Tradition of Sacrifice

I started this blog on Christmas but it has taken me a month to actually finish and post it – please forgive, azafady.


Growing up we didn’t have too many Christmas traditions.  We put up a tree but nothing else really sticks out as being the same year to year.  The food sometimes changed.  The environment changed.  The number of people home changed.  Celebrations even moved back and forth between Christmas Eve and Christmas Day depending on who was working.  I enjoy Christmas but for me it was never a stand out holiday.  I’ve always preferred Thanksgiving or 4th of July and the festivities surrounding those days.

This year however, Christmas struck me in a unique way and I think I inadvertently started a Christmas tradition.  I have been reading through the Bible chronologically for the last year and a half.  This means when it comes to the Gospels, reading the events in each one as they take place.  The week of Christmas I was reading the events surrounding Easter – Palm Sunday, Good Friday and the Resurrection – four accounts of these same events.

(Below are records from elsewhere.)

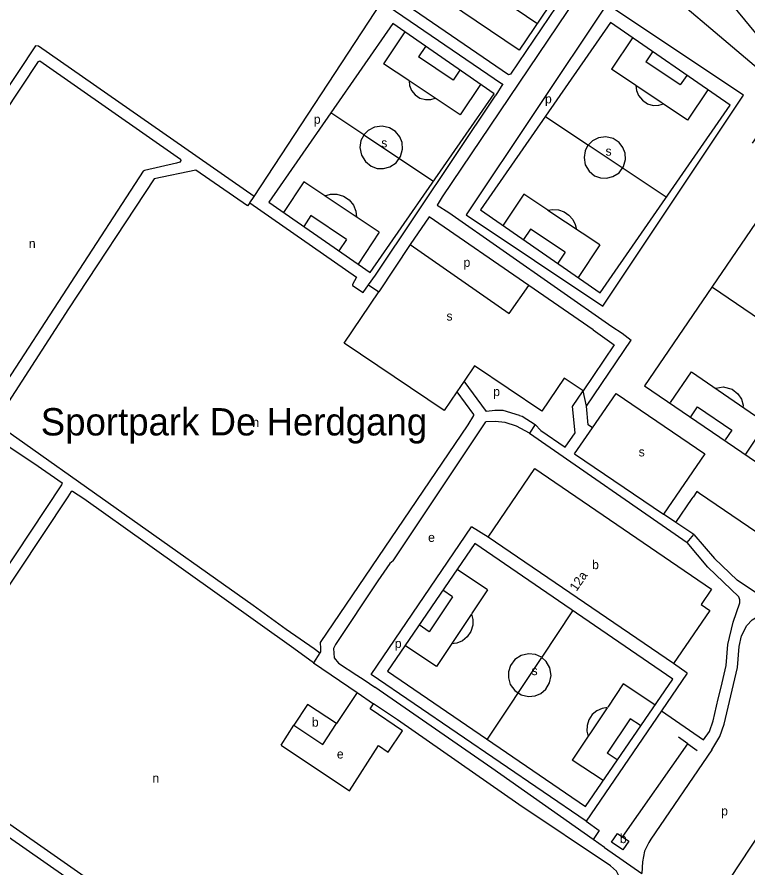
# Model space of a CAD drawing. Extents: x 157155 to 159285, y 385001 to 386651.
# Drawn here: x 158344.8 to 158665.4, y 385603.8 to 385977 of the extents above; entities that cross this region are included whole.
import ezdxf

# ---------------------------------------------------------------- set-up
doc = ezdxf.new("R2010")
doc.units = 0
for name, color, linetype in [('BLT_Basislijn', 7, 'Continuous'), ('BLT_Bebouwing', 7, 'Continuous'), ('BLT_Centroide', 7, 'Continuous'), ('BLT_Huisnummer', 7, 'Continuous'), ('BLT_Sport_parknaam', 7, 'Continuous'), ('BLT_Vlakafsluiter', 7, 'Continuous')]:
    doc.layers.add(name, color=color, linetype=linetype)

msp = doc.modelspace()

# ---------------------------------------------------------------- linework, layer by layer
at = {"layer": 'BLT_Basislijn'}
for p, q in [((158448.74, 385898.35), (158504.83, 385983.72)), ((158572.81, 385974.15), (158559.18, 385983.37)), ((158514.8, 385970.46), (158505.52, 385956.54)), ((158614.65, 385967.94), (158605.45, 385954.15)), ((158523.98, 385964.1), (158520.89, 385959.48)), ((158623.5, 385961.8), (158620.53, 385957.34)), ((158536.09, 385949.34), (158520.89, 385959.48)), ((158516.68, 385949.1), (158505.52, 385956.54)), ((158635.68, 385947.24), (158620.53, 385957.34)), ((158538.99, 385953.69), (158536.09, 385949.34)), ((158616.18, 385947), (158605.45, 385954.15)), ((158638.47, 385951.42), (158635.68, 385947.24)), ((158539.17, 385934.1), (158516.74, 385949.06)), ((158548.05, 385947.41), (158539.17, 385934.1)), ((158638.9, 385931.84), (158616.2, 385946.98)), ((158647.69, 385945.03), (158638.9, 385931.84)), ((158501.94, 385863.79), (158554.76, 385942.71)), ((158496.84, 385925.27), (158482.38, 385934.92)), ((158595.14, 385920.83), (158576.49, 385933.27)), ((158527.39, 385904.89), (158496.88, 385925.24)), ((158629.47, 385897.93), (158595.2, 385920.79)), ((158470.63, 385904.65), (158461.72, 385891.29)), ((158479.77, 385898.55), (158470.63, 385904.65)), ((158446.84, 385895.45), (158448.74, 385898.35)), ((158503.68, 385882.6), (158479.88, 385898.48)), ((158567.01, 385899.28), (158557.93, 385885.66)), ((158577.56, 385892.25), (158567.01, 385899.28)), ((158446.84, 385895.45), (158493.66, 385862.92)), ((158600.34, 385877.05), (158577.65, 385892.19)), ((158473.65, 385889.91), (158470.5, 385885.2)), ((158489.29, 385879.48), (158473.65, 385889.91)), ((158569.97, 385883.95), (158566.94, 385879.41)), ((158585.13, 385873.84), (158569.97, 385883.95)), ((158503.68, 385882.6), (158494.37, 385868.65)), ((158489.29, 385879.48), (158485.96, 385874.49)), ((158600.34, 385877.05), (158590.86, 385862.82)), ((158585.13, 385873.84), (158581.92, 385869.02)), ((158498.99, 385859.48), (158501.94, 385863.79)), ((158498.99, 385859.48), (158503.42, 385856.41)), ((158597.39, 385839.81), (158569.25, 385859.31)), ((158649.78, 385858.51), (158705.22, 385820.8)), ((158610.2, 385838.34), (158614.17, 385835.29)), ((158509.68, 385738.41), (158550.35, 385799.38)), ((158554.53, 385799.55), (158550.35, 385799.38)), ((158558.8, 385799.09), (158554.53, 385799.55)), ((158563.88, 385797.6), (158558.8, 385799.09)), ((158569.52, 385794.45), (158563.88, 385797.6)), ((158572.08, 385798.25), (158569.52, 385794.45)), ((158569.52, 385794.45), (158638.61, 385746.58)), ((158589.33, 385785.45), (158597.19, 385796.86)), ((158589.33, 385785.45), (158628.3, 385758.98)), ((158633.71, 385755.24), (158628.3, 385758.98)), ((158638.61, 385746.58), (158641.67, 385750)), ((158641.67, 385750), (158650.61, 385739.48)), ((158647.74, 385735.72), (158638.61, 385746.58)), ((158551.18, 385725.78), (158537.81, 385734.7)), ((158535.81, 385722.7), (158531.54, 385725.55)), ((158551.18, 385725.78), (158544.14, 385715.22)), ((158535.81, 385722.7), (158525.59, 385707.37)), ((158588.46, 385716.61), (158574.9, 385696.28)), ((158543.99, 385714.99), (158528.71, 385692.08)), ((158525.59, 385707.37), (158521.13, 385710.34)), ((158528.71, 385692.08), (158514.92, 385701.27)), ((158477.61, 385698.12), (158474.88, 385693.78)), ((158474.88, 385693.78), (158493.97, 385680.68)), ((158574.8, 385696.14), (158550.9, 385660.29)), ((158638.73, 385689.24), (158632.74, 385693.43)), ((158497.06, 385686.35), (158501.77, 385683.03)), ((158638.73, 385689.24), (158627.44, 385672.75)), ((158505.57, 385680.38), (158501.77, 385683.03)), ((158610.65, 385684.58), (158603.82, 385674.35)), ((158624.53, 385675.32), (158610.65, 385684.58)), ((158652.32, 385677.88), (158653.57, 385683.06)), ((158493.97, 385680.68), (158484.96, 385667.09)), ((158493.97, 385680.68), (158501.1, 385675.77)), ((158553.02, 385647.56), (158505.57, 385680.38)), ((158603.61, 385674.03), (158588.32, 385651.11)), ((158613.68, 385669.24), (158603.58, 385654.09)), ((158618.26, 385666.18), (158613.68, 385669.24)), ((158460.59, 385657.57), (158466.18, 385666.41)), ((158638.98, 385658.23), (158634.89, 385661.11)), ((158610.4, 385617.62), (158638.98, 385658.23)), ((158638.98, 385658.23), (158643.07, 385655.35)), ((158607.98, 385651.16), (158603.58, 385654.09)), ((158601.79, 385642.12), (158588.32, 385651.11)), ((158597.44, 385616.3), (158553.02, 385647.56)), ((158602.47, 385612.76), (158597.44, 385616.3)), ((158602.47, 385612.76), (158618.75, 385601.38))]:
    msp.add_line(p, q, dxfattribs=at)
for points in [[(158522.06, 386149.41), (158522.79, 386148.46), (158651.38, 385990.95), (158756.98, 385862.92)], [(158601.59, 386011.77), (158561.14, 385951.93), (158560.35, 385951.65), (158448.74, 386028.15)], [(158605.54, 386008.81), (158602.79, 386004.25), (158531.21, 385898.12), (158528.99, 385894.46), (158534.09, 385891.2), (158605.58, 385841.25), (158610.2, 385838.34)], [(158667.29, 385921.7), (158682.04, 385942.77), (158682.27, 385943.78), (158605.54, 386008.81)], [(158504.83, 385983.72), (158557.27, 385947.82), (158557.8, 385947.74), (158554.76, 385942.71)], [(158448.74, 385898.35), (158354.15, 385964.28), (158352.94, 385964.44), (158268.74, 385837.47)], [(158336.45, 385811.67), (158330.11, 385802.42), (158329.64, 385802.42), (158279.34, 385836.19), (158275.74, 385838.33), (158275.74, 385838.74), (158315.86, 385899.92), (158354.15, 385957.43), (158354.79, 385957.75), (158416.49, 385914.72), (158416.65, 385914.02), (158416.12, 385913.34), (158414.67, 385912.91), (158400.72, 385909.7), (158400.11, 385909.34), (158336.45, 385811.67)], [(158516.72, 385949.07), (158516.96, 385946.99), (158517.83, 385944.84), (158519.39, 385942.9), (158521.5, 385941.49), (158523.89, 385940.8), (158526.21, 385940.82), (158528.22, 385941.4)], [(158616.19, 385946.99), (158616.46, 385944.79), (158617.4, 385942.52), (158619.04, 385940.49), (158621.27, 385939), (158623.78, 385938.27), (158626.23, 385938.28), (158628.36, 385938.87)], [(158496.88, 385925.23), (158495.64, 385922.78), (158495.16, 385919.71), (158495.8, 385916.44), (158497.57, 385913.57), (158500.08, 385911.6), (158502.79, 385910.64), (158505.45, 385910.52), (158508.34, 385911.29), (158511.05, 385913.12), (158513.01, 385915.88), (158513.85, 385919.04), (158513.63, 385922.03), (158512.64, 385924.5), (158510.84, 385926.74), (158508.15, 385928.46), (158504.86, 385929.19), (158501.56, 385928.72), (158498.83, 385927.26), (158496.92, 385925.29)], [(158595.18, 385920.74), (158593.94, 385918.37), (158593.44, 385915.39), (158594.01, 385912.2), (158595.68, 385909.38), (158598.1, 385907.42), (158600.72, 385906.45), (158603.3, 385906.29), (158606.13, 385906.99), (158608.8, 385908.74), (158610.75, 385911.39), (158611.62, 385914.46), (158611.44, 385917.36), (158610.52, 385919.79), (158608.81, 385922), (158606.22, 385923.72), (158603.03, 385924.47), (158599.81, 385924.06), (158597.12, 385922.69), (158595.23, 385920.8)], [(158446.84, 385895.45), (158445.84, 385894.24), (158423.17, 385909.89), (158404.88, 385906), (158367.32, 385849.04), (158335.06, 385799.16), (158448.39, 385719.01), (158462.84, 385708.45), (158475.15, 385700), (158477.61, 385698.12)], [(158479.81, 385898.53), (158482.23, 385899.25), (158485.04, 385899.31), (158487.93, 385898.49), (158490.5, 385896.78), (158492.37, 385894.42), (158493.4, 385891.8), (158493.66, 385889.29)], [(158577.59, 385892.22), (158579.81, 385892.61), (158582.25, 385892.44), (158584.68, 385891.62), (158586.85, 385890.17), (158588.54, 385888.24), (158589.63, 385886.06), (158590.13, 385883.86)], [(158569.25, 385859.31), (158525.59, 385889.41), (158517.15, 385877.17)], [(158517.15, 385877.17), (158503.42, 385856.41)], [(158517.15, 385877.17), (158560.69, 385846.97), (158569.25, 385859.31)], [(158493.66, 385862.92), (158491.87, 385859.64), (158491.94, 385859.22), (158496.54, 385856.2), (158498.99, 385859.48)], [(158537.72, 385812.68), (158532.11, 385804.36), (158488.26, 385833.95), (158503.42, 385856.41)], [(158597.39, 385839.81), (158606.73, 385833.26)], [(158594.48, 385806.3), (158614.17, 385835.29)], [(158606.73, 385833.26), (158593.08, 385813)], [(158284.29, 385826.3), (158352.15, 385781.34), (158364.58, 385772.64), (158364.32, 385771.75), (158316.66, 385700)], [(158545.4, 385824.06), (158540.87, 385817.34)], [(158593.08, 385813), (158584.76, 385818.61), (158575, 385804.12), (158545.4, 385824.06)], [(158631.35, 385807.94), (158640.63, 385821.39), (158673.35, 385798.82), (158664.31, 385785.2)], [(158540.87, 385817.34), (158537.72, 385812.68)], [(158565.17, 385802.25), (158558.02, 385804.45), (158554.29, 385804.48), (158550.61, 385804.03), (158540.87, 385817.34)], [(158537.72, 385812.68), (158544.92, 385802.64), (158544.92, 385802.16), (158542.44, 385798.09), (158477.77, 385702.61), (158477.88, 385700), (158477.83, 385698.55), (158477.61, 385698.12)], [(158589.57, 385794.61), (158588.35, 385806.12), (158593.08, 385813)], [(158651.26, 385814.17), (158654.54, 385814.82), (158658.41, 385813.72), (158660.92, 385811.79), (158662.46, 385809.34), (158663.23, 385806.83), (158663.28, 385806.21)], [(158597.19, 385796.86), (158607.6, 385811.88), (158646.43, 385785.44), (158628.3, 385758.98)], [(158597.19, 385796.86), (158595.33, 385798.14), (158594.48, 385806.3)], [(158640.33, 385801.68), (158643.28, 385805.99), (158658.23, 385795.75), (158655.33, 385791.51)], [(158565.17, 385802.25), (158566.31, 385801.87), (158572.08, 385798.25)], [(158572.08, 385798.25), (158574.44, 385795.7), (158585.22, 385788.28), (158589.57, 385794.61)], [(158402.08, 385745.85), (158374.16, 385765.71), (158369.08, 385768.96), (158368.6, 385768.88), (158367.01, 385766.57), (158322.72, 385700), (158307.24, 385677.11), (158293.76, 385656.59), (158293.8, 385656.25), (158431.03, 385560.34)], [(158669.25, 385750.95), (158644.07, 385768.05), (158642.98, 385768.9), (158641.27, 385766.41)], [(158633.71, 385755.24), (158640.88, 385765.87), (158641.27, 385766.41)], [(158594.32, 385624.25), (158500.05, 385688.62), (158544.11, 385753.35)], [(158551.44, 385748.89), (158544.11, 385753.35)], [(158641.67, 385750), (158633.71, 385755.24)], [(158474.88, 385693.78), (158466.23, 385700), (158402.08, 385745.85)], [(158509.68, 385738.41), (158508.3, 385737.35), (158503, 385729.66), (158484.49, 385701.82), (158483.6, 385700), (158483.92, 385695.9), (158485.83, 385693.52), (158493.85, 385688.4)], [(158650.61, 385739.48), (158660.66, 385730.07)], [(158661.4, 385722.64), (158647.74, 385735.72)], [(158745.66, 385672.03), (158705.44, 385700), (158660.66, 385730.07)], [(158653.57, 385683.06), (158655.83, 385692.52), (158656.5, 385701.73), (158658.9, 385711.57), (158661.71, 385720.03), (158661.82, 385721.4), (158661.4, 385722.64)], [(158544.05, 385715.08), (158544.65, 385712.8), (158544.63, 385710.2), (158543.84, 385707.55), (158542.27, 385705.2), (158540.12, 385703.44), (158537.73, 385702.43), (158535.4, 385702.11)], [(158649.5, 385655.57), (158653.02, 385661.39), (158654.84, 385666.9), (158660.79, 385691.75), (158661.46, 385700.95), (158662.57, 385705.53), (158664.82, 385710.07), (158667.15, 385712.61), (158669.42, 385713.88), (158671.86, 385714.34), (158673.57, 385714.2), (158675.12, 385713.5)], [(158574.75, 385696.23), (158572.24, 385697.38), (158569.15, 385697.75), (158565.9, 385697), (158563.08, 385695.14), (158561.18, 385692.55), (158560.3, 385689.81), (158560.27, 385687.14), (158561.13, 385684.26), (158563.05, 385681.6), (158565.87, 385679.71), (158569.07, 385678.96), (158572.05, 385679.27), (158574.51, 385680.33), (158576.71, 385682.19), (158578.36, 385684.93), (158579.01, 385688.25), (158578.45, 385691.55), (158576.92, 385694.26), (158574.9, 385696.13)], [(158493.85, 385688.4), (158497.06, 385686.35)], [(158460.59, 385657.57), (158490.59, 385637.65), (158503.34, 385657.51), (158507.53, 385654.58), (158513.89, 385663.94), (158499.69, 385673.52), (158501.1, 385675.77)], [(158605.06, 385604.69), (158564.85, 385631.66), (158511.71, 385668.78), (158501.1, 385675.77)], [(158627.44, 385672.75), (158645.79, 385660.02), (158648.5, 385663.66), (158650.03, 385668.27), (158652.32, 385677.88)], [(158627.44, 385672.75), (158594.32, 385624.25)], [(158603.69, 385674.15), (158601.43, 385673.77), (158599.13, 385672.74), (158597.09, 385671.03), (158595.58, 385668.76), (158594.78, 385666.22), (158594.71, 385663.7), (158595.23, 385661.46)], [(158428.12, 385556.08), (158390.45, 385582.34), (158365.78, 385599.95), (158289.97, 385652.86), (158288.7, 385653.5), (158241.27, 385580.62), (158241.42, 385580.02), (158404.93, 385483.98)], [(158649.5, 385655.57), (158622.82, 385616.45), (158621.85, 385614.95), (158619.99, 385611.07), (158619.13, 385606.43), (158618.75, 385601.38)], [(158679.75, 385633.1), (158657.37, 385599.21), (158657.38, 385598.9), (158662.19, 385595.07)], [(158594.32, 385624.25), (158600.06, 385620.21), (158597.44, 385616.3)], [(158552.82, 385517.63), (158559.78, 385527.78), (158608.05, 385598.05), (158608.71, 385600.34), (158607.67, 385602.42), (158605.06, 385604.69)]]:
    msp.add_lwpolyline(points, dxfattribs=at)
for points in [[(158516.51, 386078.63), (158603.66, 386019.63), (158564.95, 385962.46), (158477.81, 386021.46)], [(158603.48, 385982.71), (158541.79, 385890.22), (158601.72, 385850.25), (158663.41, 385942.74)], [(158509.54, 385974.17), (158455.17, 385895.77), (158499.71, 385864.89), (158554.08, 385943.29)], [(158605.1, 385974.63), (158548.09, 385892.41), (158600.51, 385856.07), (158657.52, 385938.28)], [(158620, 385815.23), (158675.89, 385777.15), (158735.13, 385864.09), (158679.25, 385902.17)], [(158545.53, 385746.07), (158507.23, 385690.13), (158594.03, 385630.7), (158632.33, 385686.64)]]:
    msp.add_lwpolyline(points, close=True, dxfattribs=at)
at = {"layer": 'BLT_Bebouwing'}
for p, q in [((158632.74, 385693.43), (158551.44, 385748.89)), ((158484.96, 385667.09), (158472.17, 385675.51))]:
    msp.add_line(p, q, dxfattribs=at)
for points in [[(158551.44, 385748.89), (158571.91, 385778.94), (158649.42, 385726.12), (158644.81, 385719.35), (158648.63, 385716.75), (158632.74, 385693.43)], [(158472.17, 385675.51), (158466.18, 385666.41)], [(158466.18, 385666.41), (158478.97, 385657.99), (158484.96, 385667.09)]]:
    msp.add_lwpolyline(points, dxfattribs=at)
msp.add_lwpolyline([(158605.54, 385615.05), (158608.14, 385618.84), (158613.06, 385615.45), (158610.46, 385611.67)], close=True, dxfattribs=at)
at = {"layer": 'BLT_Vlakafsluiter'}
msp.add_line((158594.48, 385806.3), (158593.08, 385813), dxfattribs=at)

# ---------------------------------------------------------------- texts
at = {"layer": 'BLT_Centroide'}
for s, p in [('p', (158576.33, 385939.14)), ('p', (158474.93, 385930.19)), ('s', (158504.52, 385919.84)), ('s', (158602.88, 385916.21)), ('n', (158349.98, 385875.68)), ('p', (158540.6, 385867.42)), ('s', (158533.13, 385843.85)), ('p', (158553.61, 385810.74)), ('n', (158447.98, 385797.25)), ('s', (158617.4, 385784.28)), ('e', (158525.08, 385746.78)), ('b', (158596.99, 385734.83)), ('p', (158510.46, 385700.25)), ('s', (158570.43, 385688.34)), ('b', (158474.1, 385665.74)), ('e', (158485.05, 385651.78)), ('n', (158404.14, 385641.17)), ('p', (158653.58, 385626.79)), ('b', (158609.15, 385614.67))]:
    msp.add_text(s, height=4, dxfattribs=at).set_placement(p)
at = {"layer": 'BLT_Huisnummer'}
msp.add_text('12a', height=4, rotation=55.7002, dxfattribs=at).set_placement((158590.14, 385724.8))
at = {"layer": 'BLT_Sport_parknaam'}
msp.add_text('Sportpark De Herdgang', height=12, dxfattribs=at).set_placement((158355.2, 385793.47))

doc.saveas('drawing.dxf')

For some reason, reading about Jesus fulfilling his work here on earth through his death and resurrection gave even more meaning to his birth celebrated at Christmas.  I have always read these passages around Easter but never at this time of year.  In reality though, we cannot celebrate one without the other.  Obviously, if Jesus hadn’t come to Earth there would be no Easter but without his purpose of redemption through resurrection there would have been no reason for his birth at Christmas either.

However, this year I have seen that his birth was so much more than just coming to Earth, there was incredible sacrifice involved.  I usually only focus on Jesus’s sacrifice at Easter and am too busy celebrating the joy that his birth ushered in to think about what he had to give up to be born.  However, let us not lose sight that in order for Christ to come to this Earth had had to take on a human body and all the pain and suffering that accompanies that – physically and emotionally.


The Word  became flesh.  

I don’t think Jesus had a human form before his birth in Bethlehem and seeing how he maintained that human form after the resurrection there was no going back for him.  It is a bit of a stretch, but I cannot help but think of the scene in Field of Dreams when young Archie Graham steps off the field to save a choking Karin turning into Doc “Moonlight” Graham never to play baseball again.

moonlight graham2

Christ sacrificed his life to redeem us, me, at Easter but he sacrificed his very being at Christmas.  He entered into a fallen, broken world with the purpose of saving a people who rejected and killed him never to return to his previous state.  Yes, Jesus is complete in glory but will we ever know the nature in which Christ lived before coming to Earth?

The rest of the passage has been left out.